Testosterone - a main male sex hormone in women although it is also present in small amounts. The pituitary gland, located at the base of the brain, controls production of testosterone by the sex glands (gonads) and adrenal cortex. For this stands luteinizing hormone, which regulates the production of testosterone. This hormone is most commonly associated with sex, as is involved in the process of puberty and physical changes such as muscle growth, voice changes, hair growth, the emergence of sexual desire.
Nevertheless, to maintain the optimum level of testosterone is important at any age. This hormone controls many health parameters affecting bone density, blood composition, reducing body fat, resistance to stress, immune system and brain development. Testosterone deficiency can lead to low sex drive, infertility, fatigue, irritability, depression, reduced muscle mass and an increase in fat. Research in this area showed that men's testosterone levels are low, have an increased risk of diabetes, osteoporosis, and cardiovascular problems.
How to increase the level of testosterone
1. Physical activity
Exercise - this is one of the most effective ways to prevent many diseases related to lifestyle, as well as to increase testosterone. Studies have shown that those who regularly participate in sports, there are high levels of testosterone. Intense weight training are the most effective.
2. Enjoy healthy fats
Contrary to popular belief, not all fats are bad for the body. Studies have shown that a diet rich in both monounsaturated and saturated fats can increase levels of testosterone in men! In addition, consuming a moderate amount of saturated fats from healthy sources, you reduce the risk of developing cardiovascular disease. Good sources of monounsaturated fat - is olive oil, peanut oil and avocado. Healthy saturated fats found in lean red meat, coconut oil, cheese and egg yolks.
3. Beware sugar.
Another important step is how to increase the level of testosterone. The fact that this hormone is in competition with insulin, which causes problems with diabetes, it is therefore important not too stimulating to maintain optimum health and weight.

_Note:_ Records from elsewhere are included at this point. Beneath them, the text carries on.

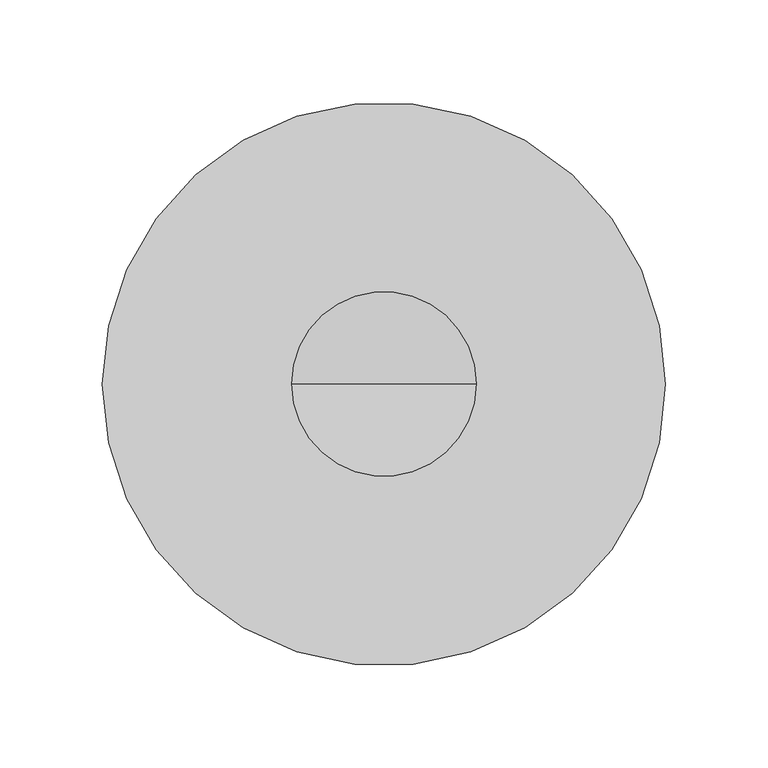
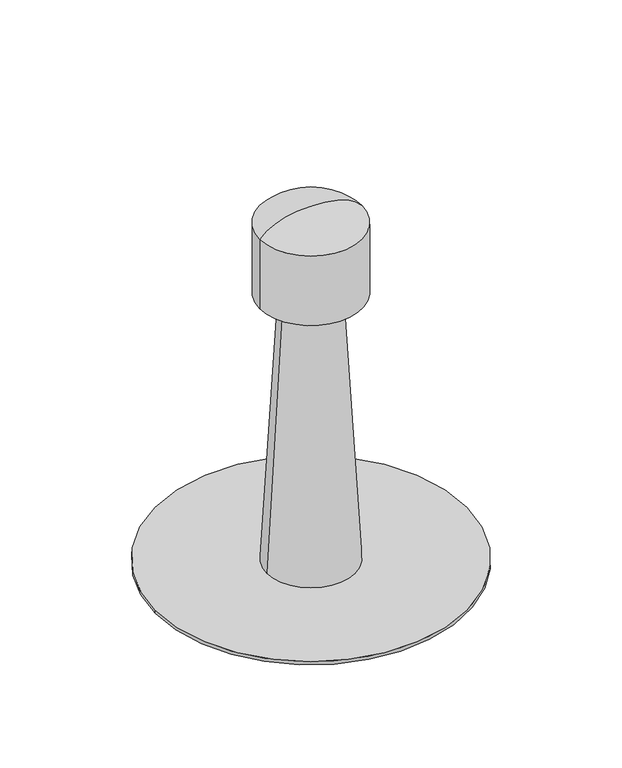
"""IFC4 building model written with IfcOpenShell, lengths in millimetres: proxy geometry, TN_ПВХ Кровельный аэратор : ПВХ аэратор кровельный 78х332 ТехноНИКОЛЬ."""

import ifcopenshell
import ifcopenshell.guid

model = None  # the IFC model being written
_history = None  # IfcOwnerHistory: only IFC2X3 demands one
_inside = {}  # id of a spatial element -> (the spatial element, [elements in it])
_under = {}  # id of a project, library or spatial element -> (it, [spatial elements below it])
_declared = {}  # id of a project -> (the project, [libraries it declares])
_typed = {}  # id of a type object -> (the type object, [elements of that type])
_made_of = {}  # id of a material, layer set ... -> (it, [elements and type objects made of it])


def new_model(schema):
    """Start an empty IFC model of exactly this schema.

    Asked for "IFC4X3", IfcOpenShell would pick the latest addendum, in which some entities
    have other attributes; the version numbers below select the first issue.
    IFC2X3 requires an IfcOwnerHistory on every rooted entity: one is made here for all.
    """
    global model, _history
    if schema == "IFC4X3":
        model = ifcopenshell.file(schema_version=(4, 3, 0, 0))
    else:
        model = ifcopenshell.file(schema=schema)
    _inside.clear()
    _under.clear()
    _declared.clear()
    _typed.clear()
    _made_of.clear()
    _history = None
    if model.schema == "IFC2X3":
        org = make("IfcOrganization", Name="unknown")
        user = make(
            "IfcPersonAndOrganization",
            ThePerson=make("IfcPerson", FamilyName="unknown"),
            TheOrganization=org,
        )
        app = make(
            "IfcApplication",
            ApplicationDeveloper=org,
            Version="unknown",
            ApplicationFullName="unknown",
            ApplicationIdentifier="unknown",
        )
        _history = make(
            "IfcOwnerHistory",
            OwningUser=user,
            OwningApplication=app,
            ChangeAction="ADDED",
            CreationDate=0,
        )
    return model


def make(cls, **values):
    """One entity of the class cls with the attributes given. An attribute that is None is left unset."""
    return model.create_entity(
        cls, **{name: value for name, value in values.items() if value is not None}
    )


def rooted(cls, **values):
    """An entity with a GlobalId (a new one), such as an element, a storey or a relation."""
    return make(cls, GlobalId=ifcopenshell.guid.new(), OwnerHistory=_history, **values)


def si_unit(unit_type, name, prefix=None):
    """IfcSIUnit, for example si_unit("LENGTHUNIT", "METRE", prefix="MILLI")."""
    return make("IfcSIUnit", UnitType=unit_type, Prefix=prefix, Name=name)


def assignment(units):
    """IfcUnitAssignment: the units of a project."""
    return None if units is None else make("IfcUnitAssignment", Units=units)


def point(xyz):
    """IfcCartesianPoint."""
    return None if xyz is None else make("IfcCartesianPoint", Coordinates=xyz)


def direction(xyz):
    """IfcDirection."""
    return None if xyz is None else make("IfcDirection", DirectionRatios=xyz)


def frame(location, z_axis=None, x_axis=None):
    """IfcAxis2Placement3D, a coordinate frame: its origin and axes. An axis left out is left unset."""
    return make(
        "IfcAxis2Placement3D",
        Location=point(location),
        Axis=direction(z_axis),
        RefDirection=direction(x_axis),
    )


def frame_2d(location, x_axis=None):
    """IfcAxis2Placement2D, a coordinate frame in the plane: its origin and x axis."""
    return make(
        "IfcAxis2Placement2D", Location=point(location), RefDirection=direction(x_axis)
    )


def origin():
    """The frame at (0, 0, 0) with its axes left unset."""
    return frame((0.0, 0.0, 0.0))


def origin_with_axes():
    """The frame at (0, 0, 0) with the z axis (0, 0, 1) and the x axis (1, 0, 0) written out."""
    return frame((0.0, 0.0, 0.0), z_axis=(0.0, 0.0, 1.0), x_axis=(1.0, 0.0, 0.0))


def origin_2d():
    """The frame at (0, 0) in the plane with its x axis left unset."""
    return frame_2d((0.0, 0.0))


def place(relative_to, where):
    """IfcLocalPlacement: puts the frame where relative to a parent placement (None: the world)."""
    return make(
        "IfcLocalPlacement", PlacementRelTo=relative_to, RelativePlacement=where
    )


def context(
    kind, dimensions, precision=None, world=None, true_north=None, identifier=None
):
    """IfcGeometricRepresentationContext, for example the 3D "Model" context."""
    return make(
        "IfcGeometricRepresentationContext",
        ContextIdentifier=identifier,
        ContextType=kind,
        CoordinateSpaceDimension=dimensions,
        Precision=precision,
        WorldCoordinateSystem=world,
        TrueNorth=true_north,
    )


def project(units=None, contexts=None):
    """IfcProject with its units and contexts."""
    return rooted(
        "IfcProject",
        Name="project",
        RepresentationContexts=contexts,
        UnitsInContext=assignment(units),
    )


def spatial(cls, under=None, at=None, **own):
    """A site, building, storey or space (cls), placed at a placement, below another one or the project."""
    s = rooted(cls, ObjectPlacement=at, **own)
    if under is not None:
        _under.setdefault(under.id(), (under, []))[1].append(s)
    return s


def polyline(points):
    """IfcPolyline through the points."""
    return make("IfcPolyline", Points=[point(p) for p in points])


def circle_curve(where, radius):
    """IfcCircle in the frame where."""
    return make("IfcCircle", Position=where, Radius=radius)


def trimmed(basis, trim1, trim2, sense, master):
    """IfcTrimmedCurve: the piece of a basis curve between two trims."""
    return make(
        "IfcTrimmedCurve",
        BasisCurve=basis,
        Trim1=trim1,
        Trim2=trim2,
        SenseAgreement=sense,
        MasterRepresentation=master,
    )


def segment(curve, same_sense, transition):
    """IfcCompositeCurveSegment."""
    return make(
        "IfcCompositeCurveSegment",
        Transition=transition,
        SameSense=same_sense,
        ParentCurve=curve,
    )


def composite_curve(segments, self_intersect=None):
    """IfcCompositeCurve: segments joined end to end."""
    return make("IfcCompositeCurve", Segments=segments, SelfIntersect=self_intersect)


def outline(outer, holes=None, kind="AREA"):
    """IfcArbitraryClosedProfileDef: a profile drawn as a closed curve; with holes, ...WithVoids."""
    if holes is None:
        return make("IfcArbitraryClosedProfileDef", ProfileType=kind, OuterCurve=outer)
    return make(
        "IfcArbitraryProfileDefWithVoids",
        ProfileType=kind,
        OuterCurve=outer,
        InnerCurves=holes,
    )


def extrude(swept, where, along, depth):
    """IfcExtrudedAreaSolid: the profile swept, set in the frame where, extruded along a direction by depth."""
    return make(
        "IfcExtrudedAreaSolid",
        SweptArea=swept,
        Position=where,
        ExtrudedDirection=direction(along),
        Depth=depth,
    )


def shape(context_of_items, identifier, shape_type, items):
    """IfcShapeRepresentation: the items that make up one representation, for example the "Body"."""
    return make(
        "IfcShapeRepresentation",
        ContextOfItems=context_of_items,
        RepresentationIdentifier=identifier,
        RepresentationType=shape_type,
        Items=items,
    )


def source(mapping_origin, context_of_items, identifier, shape_type, items):
    """IfcRepresentationMap: a shape defined once, which mapped items show again and again."""
    return make(
        "IfcRepresentationMap",
        MappingOrigin=mapping_origin,
        MappedRepresentation=shape(context_of_items, identifier, shape_type, items),
    )


def transform(
    local_origin,
    x_axis=None,
    y_axis=None,
    z_axis=None,
    scale=None,
    scale2=None,
    scale3=None,
    uniform=True,
):
    """IfcCartesianTransformationOperator3D, or its non-uniform kind. x_axis, y_axis, z_axis: its Axis1, 2, 3."""
    if uniform:
        return make(
            "IfcCartesianTransformationOperator3D",
            Axis1=direction(x_axis),
            Axis2=direction(y_axis),
            LocalOrigin=point(local_origin),
            Scale=scale,
            Axis3=direction(z_axis),
        )
    return make(
        "IfcCartesianTransformationOperator3DnonUniform",
        Axis1=direction(x_axis),
        Axis2=direction(y_axis),
        LocalOrigin=point(local_origin),
        Scale=scale,
        Axis3=direction(z_axis),
        Scale2=scale2,
        Scale3=scale3,
    )


def mapped(mapping_source, mapping_target):
    """IfcMappedItem: shows the shape of a source again, moved by a transform."""
    return make(
        "IfcMappedItem", MappingSource=mapping_source, MappingTarget=mapping_target
    )


def made_of(thing, what):
    """Note that an element or type object is made of a material, layer set ...; save() writes the relation."""
    if what is not None:
        _made_of.setdefault(what.id(), (what, []))[1].append(thing)
    return thing


def element(
    cls,
    number,
    at=None,
    inside=None,
    cuts=None,
    type_object=None,
    material=None,
    context=None,
    identifier="Body",
    shape_type=None,
    held_by="IfcProductDefinitionShape",
    body=None,
    shapes=None,
    **own,
):
    """One element of the class cls, such as IfcWall. Its Tag is "e" and its number.

    at: its placement. inside: the storey or other place that contains it. cuts: it is an
    opening in that element (IfcRelVoidsElement). A single representation is given by context,
    identifier, shape_type and body (its items); several are given by shapes. held_by: the class
    of the entity that holds the representations. save() writes the other relations.
    """
    e = rooted(cls, Tag="e%d" % number, ObjectPlacement=at, **own)
    if body is not None:
        shapes = [shape(context, identifier, shape_type, body)]
    if shapes is not None:
        e.Representation = make(held_by, Representations=shapes)
    if inside is not None:
        _inside.setdefault(inside.id(), (inside, []))[1].append(e)
    if cuts is not None:
        rooted(
            "IfcRelVoidsElement", RelatingBuildingElement=cuts, RelatedOpeningElement=e
        )
    if type_object is not None:
        _typed.setdefault(type_object.id(), (type_object, []))[1].append(e)
    return made_of(e, material)


def aggregate(whole, parts):
    """IfcRelAggregates: a whole, such as a stair, and the parts it consists of."""
    return rooted("IfcRelAggregates", RelatingObject=whole, RelatedObjects=parts)


def save(model, path):
    """Write the relations noted so far, then the file.

    IfcRelAggregates (storeys below a building ...), IfcRelContainedInSpatialStructure (elements
    in a storey), IfcRelDefinesByType, IfcRelAssociatesMaterial and IfcRelDeclares: one each for
    every whole, place, type object, material and project.
    """
    for whole, parts in _under.values():
        aggregate(whole, parts)
    for where, things in _inside.values():
        rooted(
            "IfcRelContainedInSpatialStructure",
            RelatedElements=things,
            RelatingStructure=where,
        )
    for kind, things in _typed.values():
        rooted("IfcRelDefinesByType", RelatedObjects=things, RelatingType=kind)
    for what, things in _made_of.values():
        rooted("IfcRelAssociatesMaterial", RelatedObjects=things, RelatingMaterial=what)
    for by, libraries in _declared.values():
        rooted("IfcRelDeclares", RelatingContext=by, RelatedDefinitions=libraries)
    model.write(path)


def plane_surface(at):
    """IfcPlane: the flat surface through the origin of the frame at, square to its z axis."""
    return make("IfcPlane", Position=at)


def cylinder_surface(at, radius):
    """IfcCylindricalSurface: all points at the distance radius from the z axis of the frame at."""
    return make("IfcCylindricalSurface", Position=at, Radius=radius)


def revolved_surface(curve, axis_point, axis_direction):
    """IfcSurfaceOfRevolution: the curve turned about the line through axis_point along axis_direction."""
    return make(
        "IfcSurfaceOfRevolution",
        SweptCurve=make("IfcArbitraryOpenProfileDef", ProfileType="CURVE", Curve=curve),
        AxisPosition=make("IfcAxis1Placement", Location=point(axis_point), Axis=direction(axis_direction)),
    )


def spline_curve(degree, points, multiplicities, knots, weights=None):
    """IfcBSplineCurveWithKnots; with weights, IfcRationalBSplineCurveWithKnots."""
    own = dict(
        Degree=degree,
        ControlPointsList=[point(p) for p in points],
        CurveForm="UNSPECIFIED",
        ClosedCurve=False,
        SelfIntersect=False,
        KnotMultiplicities=multiplicities,
        Knots=knots,
        KnotSpec="UNSPECIFIED",
    )
    if weights is None:
        return make("IfcBSplineCurveWithKnots", **own)
    return make("IfcRationalBSplineCurveWithKnots", WeightsData=weights, **own)


def advanced_brep(points, edges, surfaces, faces):
    """IfcAdvancedBrep: a solid bounded by faces that lie on surfaces and meet in shared edges.

    An edge is (start, end): straight between two places in points (the first is 0);
    or (start, end, curve); or (start, end, curve, False) where it runs against its curve.
    A face is (place in surfaces, loops), or (place, loops, False) where it looks against
    its surface's normal. A loop lists edges by number (the first is 1), with a minus sign
    where the edge is run from its end to its start. The first loop is the outer one.
    """
    corners = [point(p) for p in points]
    vertices = [make("IfcVertexPoint", VertexGeometry=c) for c in corners]
    made = []
    for start, end, *more in edges:
        made.append(
            make(
                "IfcEdgeCurve",
                EdgeStart=vertices[start],
                EdgeEnd=vertices[end],
                EdgeGeometry=more[0] if more else make("IfcPolyline", Points=[corners[start], corners[end]]),
                SameSense=more[1] if len(more) > 1 else True,
            )
        )
    hull = []
    for where, loops, *sense in faces:
        bounds = []
        for j, loop in enumerate(loops):
            ring = [make("IfcOrientedEdge", EdgeElement=made[abs(k) - 1], Orientation=k > 0) for k in loop]
            bounds.append(
                make(
                    "IfcFaceOuterBound" if j == 0 else "IfcFaceBound",
                    Bound=make("IfcEdgeLoop", EdgeList=ring),
                    Orientation=True,
                )
            )
        hull.append(make("IfcAdvancedFace", Bounds=bounds, FaceSurface=surfaces[where], SameSense=sense[0] if sense else True))
    return make("IfcAdvancedBrep", Outer=make("IfcClosedShell", CfsFaces=hull))


def specialty_equipment_692bb2d6(model_context):
    return source(origin(), model_context, "Body", "SolidModel", [
        advanced_brep(
        [(25.0, 0.0, 252.0), (-25.0, 0.0, 252.0), (0.0, 0.0, 252.0), (0.0, 0.0, 3.0), (-39.0, 0.0, 3.0), (39.0, 0.0, 3.0)],
        [
            (0, 1, circle_curve(frame((0.0, 0.0, 252.0), z_axis=(0.0, 0.0, 1.0), x_axis=(-1.0, 0.0, 0.0)), 25.0)),
            (1, 2),
            (2, 0),
            (1, 0, circle_curve(frame((0.0, 0.0, 252.0), z_axis=(0.0, 0.0, 1.0), x_axis=(-1.0, 0.0, 0.0)), 25.0)),
            (3, 4),
            (4, 5, circle_curve(frame((0.0, 0.0, 3.0), z_axis=(0.0, 0.0, -1.0), x_axis=(-1.0, 0.0, 0.0)), 39.0)),
            (5, 3),
            (5, 4, circle_curve(frame((0.0, 0.0, 3.0), z_axis=(0.0, 0.0, -1.0), x_axis=(-1.0, 0.0, 0.0)), 39.0)),
            (4, 1),
            (0, 5),
        ],
        [
            plane_surface(frame((0.0, 0.0, 252.0), z_axis=(0.0, 0.0, 1.0), x_axis=(-1.0, 0.0, 0.0))),
            plane_surface(frame((0.0, 0.0, 3.0), z_axis=(0.0, 0.0, -1.0), x_axis=(-1.0, 0.0, 0.0))),
            revolved_surface(polyline([(-25.0, 0.0, 252.0), (-39.0, 0.0, 3.0)]), (0.0, 0.0, -2.0), (0.0, 0.0, -1.0)),
        ],
        [
            (0, [[1, 2, 3]]),
            (0, [[4, -3, -2]]),
            (1, [[5, 6, 7]]),
            (1, [[-7, 8, -5]]),
            (2, [[-6, 9, -1, 10]]),
            (2, [[-8, -10, -4, -9]]),
        ],
    ),
        advanced_brep(
        [(0.0, 0.0, 252.0), (-45.0, 0.0, 252.0), (45.0, 0.0, 252.0), (45.0, 0.0, 317.0), (-45.0, 0.0, 317.0), (0.0, 0.0, 332.0)],
        [
            (0, 1),
            (1, 2, circle_curve(frame((0.0, 0.0, 252.0), z_axis=(0.0, 0.0, -1.0), x_axis=(-1.0, 0.0, 0.0)), 45.0)),
            (2, 0),
            (2, 1, circle_curve(frame((0.0, 0.0, 252.0), z_axis=(0.0, 0.0, -1.0), x_axis=(-1.0, 0.0, 0.0)), 45.0)),
            (3, 4, circle_curve(frame((0.0, 0.0, 317.0), z_axis=(0.0, 0.0, 1.0), x_axis=(-1.0, 0.0, 0.0)), 45.0)),
            (4, 5, spline_curve(3, [(-45.0, 0.0, 317.0), (-36.982596383, 0.0, 326.999999999), (-21.982596382, 0.0, 332.0), (0.0, 0.0, 332.0)], [4, 4], [0.0, 0.08562924216502088])),
            (5, 3, spline_curve(3, [(0.0, 0.0, 332.0), (21.982596382, 0.0, 332.0), (36.982596383, 0.0, 326.999999999), (45.0, 0.0, 317.0)], [4, 4], [0.0, 0.08562924216502088])),
            (4, 3, circle_curve(frame((0.0, 0.0, 317.0), z_axis=(0.0, 0.0, 1.0), x_axis=(-1.0, 0.0, 0.0)), 45.0)),
            (1, 4),
            (3, 2),
        ],
        [
            plane_surface(frame((0.0, 0.0, 252.0), z_axis=(0.0, 0.0, -1.0), x_axis=(-1.0, 0.0, 0.0))),
            revolved_surface(spline_curve(3, [(0.0, 0.0, 332.0), (-21.982596382, 0.0, 332.0), (-36.982596383, 0.0, 326.999999999), (-45.0, 0.0, 317.0)], [4, 4], [0.0, 0.08562924216502088]), (0.0, 0.0, 347.0), (0.0, 0.0, -1.0)),
            cylinder_surface(frame((0.0, 0.0, 347.0), z_axis=(0.0, 0.0, -1.0), x_axis=(-1.0, 0.0, 0.0)), 45.0),
        ],
        [
            (0, [[1, 2, 3]]),
            (0, [[-3, 4, -1]]),
            (1, [[5, 6, 7]]),
            (1, [[8, -7, -6]]),
            (2, [[-2, 9, -5, 10]]),
            (2, [[-4, -10, -8, -9]]),
        ],
    ),
        extrude(outline(composite_curve([segment(trimmed(circle_curve(origin_2d(), 137.5), [point((-137.5, 0.0))], [point((137.5, 0.0))], False, "CARTESIAN"), True, "CONTINUOUS"), segment(trimmed(circle_curve(origin_2d(), 137.5), [point((137.5, 0.0))], [point((-137.5, 0.0))], False, "CARTESIAN"), True, "CONTINUOUS")], self_intersect=False)), origin_with_axes(), (0.0, 0.0, 1.0), 3.0),
    ])


if __name__ == "__main__":
    model = new_model("IFC4")
    model_context = context("Model", 3, world=origin())
    ifc_project = project(units=[si_unit("LENGTHUNIT", "METRE", prefix="MILLI")], contexts=[model_context])
    site = spatial("IfcSite", under=ifc_project)
    building = spatial("IfcBuilding", under=site)
    placement = place(None, origin())
    specialty_equipment_shape = specialty_equipment_692bb2d6(model_context)
    element("IfcBuildingElementProxy", 1, Name="TN_ПВХ Кровельный аэратор : ПВХ аэратор кровельный 78х332 ТехноНИКОЛЬ", ObjectType="TN_ПВХ Кровельный аэратор : ПВХ аэратор кровельный 78х332 ТехноНИКОЛЬ", at=placement, inside=building, context=model_context, shape_type="MappedRepresentation", body=[
        mapped(specialty_equipment_shape, transform((0.0, 0.0, 0.0), x_axis=(1.0, 0.0, 0.0), y_axis=(0.0, 1.0, 0.0), z_axis=(0.0, 0.0, 1.0))),
    ])
    save(model, "model.ifc")

# Revit data of these elements
# Type "TN_ПВХ Кровельный аэратор : ПВХ аэратор кровельный 78х332 ТехноНИКОЛЬ"
#   ADSK_Группирование = "Комплектующие и воронки"
#   Description = "ПВХ аэратор применяется при устройстве либо санации «дышащих» плоских кровель. Предназначены для отвода водяных паров, проникающих под гидроизоляционный слой кровли. Предотвращают образование вздутий и последующего разрыва защитного кровельного материала, тем самым увеличивая срок службы гидроизоляционного ковра.  Данный Аэратор симеет жесткий  корпус; колпак на аэраторе имеет жёсткое фиксирование, что исключит его срыв ветром; высота аэратора позволяет в весенний период при таянии сугробов исключит попадание воды через отводящую трубу аэратора.  Устанавливаются аэраторы данного типа из расчета не менее 1 шт. на 235 м² кровли. Расстояние между аэраторами не должно превышать 12 метров."
#   Manufacturer = "ТехноНИКОЛЬ"
#   ADSK_Обозначение = "ТехноНИКОЛЬ"
#   ADSK_Наименование = "ПВХ аэратор кровельный 78х332мм"
#   ADSK_Код изделия = "046223"
#   ADSK_Завод-изготовитель = "ТехноНИКОЛЬ"
#   ADSK_Единица измерения = "шт."
#   ADSK_Группирование = "Комплектующие и воронки"
#   ADSK_URL страницы изделия = ""
#   ADSK_URL документации изделия = ""
#   Default Elevation = 1219.2 mm
#   ADSK_Размер_Ширина = 39 mm
#   ADSK_Размер_Высота = 332 mm
#   ADSK_Масса = 0.83
#   ADSK_Количество = 1
#   Материал = TN_ПВХ_ТемноСерый
#   URL = ""
# Element 1 (IfcBuildingElementProxy, "TN_ПВХ Кровельный аэратор : ПВХ аэратор кровельный 78х332 ТехноНИКОЛЬ")
#   Materials on its faces: "TN_ПВХ_ТемноСерый"
# Materials
#   "TN_ПВХ_ТемноСерый": class "Типовые", colour RGB 100 100 100, transparency 0, Cost = 0

4. compensate for a deficiency of vitamins
Testosterone is very sensitive to deficiencies in the diet. Thus, it is important to resort to vitamin therapy. In the first place it is important to make up the deficiency of vitamin D. It is important at all ages in health and general level of testosterone. Good sources of the vitamin are salmon, tuna, eggs, and of course sunshine. Are important, and B vitamins, as are involved in many chemical processes in the body.
5. compensate for a deficiency of minerals.
Zinc helps to increase testosterone levels, as inhibits the process by which the body converts testosterone to estrogen. This important mineral is found in liver, red meat, mussels, oysters, wheat, sesame, mushrooms, broccoli, peanuts.
The following mineral, which should pay attention - this is magnesium. Low levels of its effect on sleep, decrease in insulin resistance and testosterone in the body. Compensate for mineral deficiency will help you nuts, seeds and green leafy vegetables.
6. Get enough sleep
Sleep, or rather its lack of quantity - is another enemy of testosterone. The number of perfect sleep varies from person to person. However, scientists have found that a regular night's rest period of only 5 hours leads to a reduction in the level of testosterone by 15%.
7. Avoid stress
The main stress hormone - cortisol is. It is involved in the breakdown of muscle tissue, suppress the immune system, increases and decreases fat testosterone. When cortisol rises, reduced testosterone, therefore strive to reduce stress in your life.
So you are wondering how to increase testosterone levels? As you can see, this can be done by natural methods, changing your lifestyle. Focus on the right diet, exercise regularly, get enough sleep, eliminate bad habits, smile and enjoy your life. So you will improve your health and increase testosterone levels.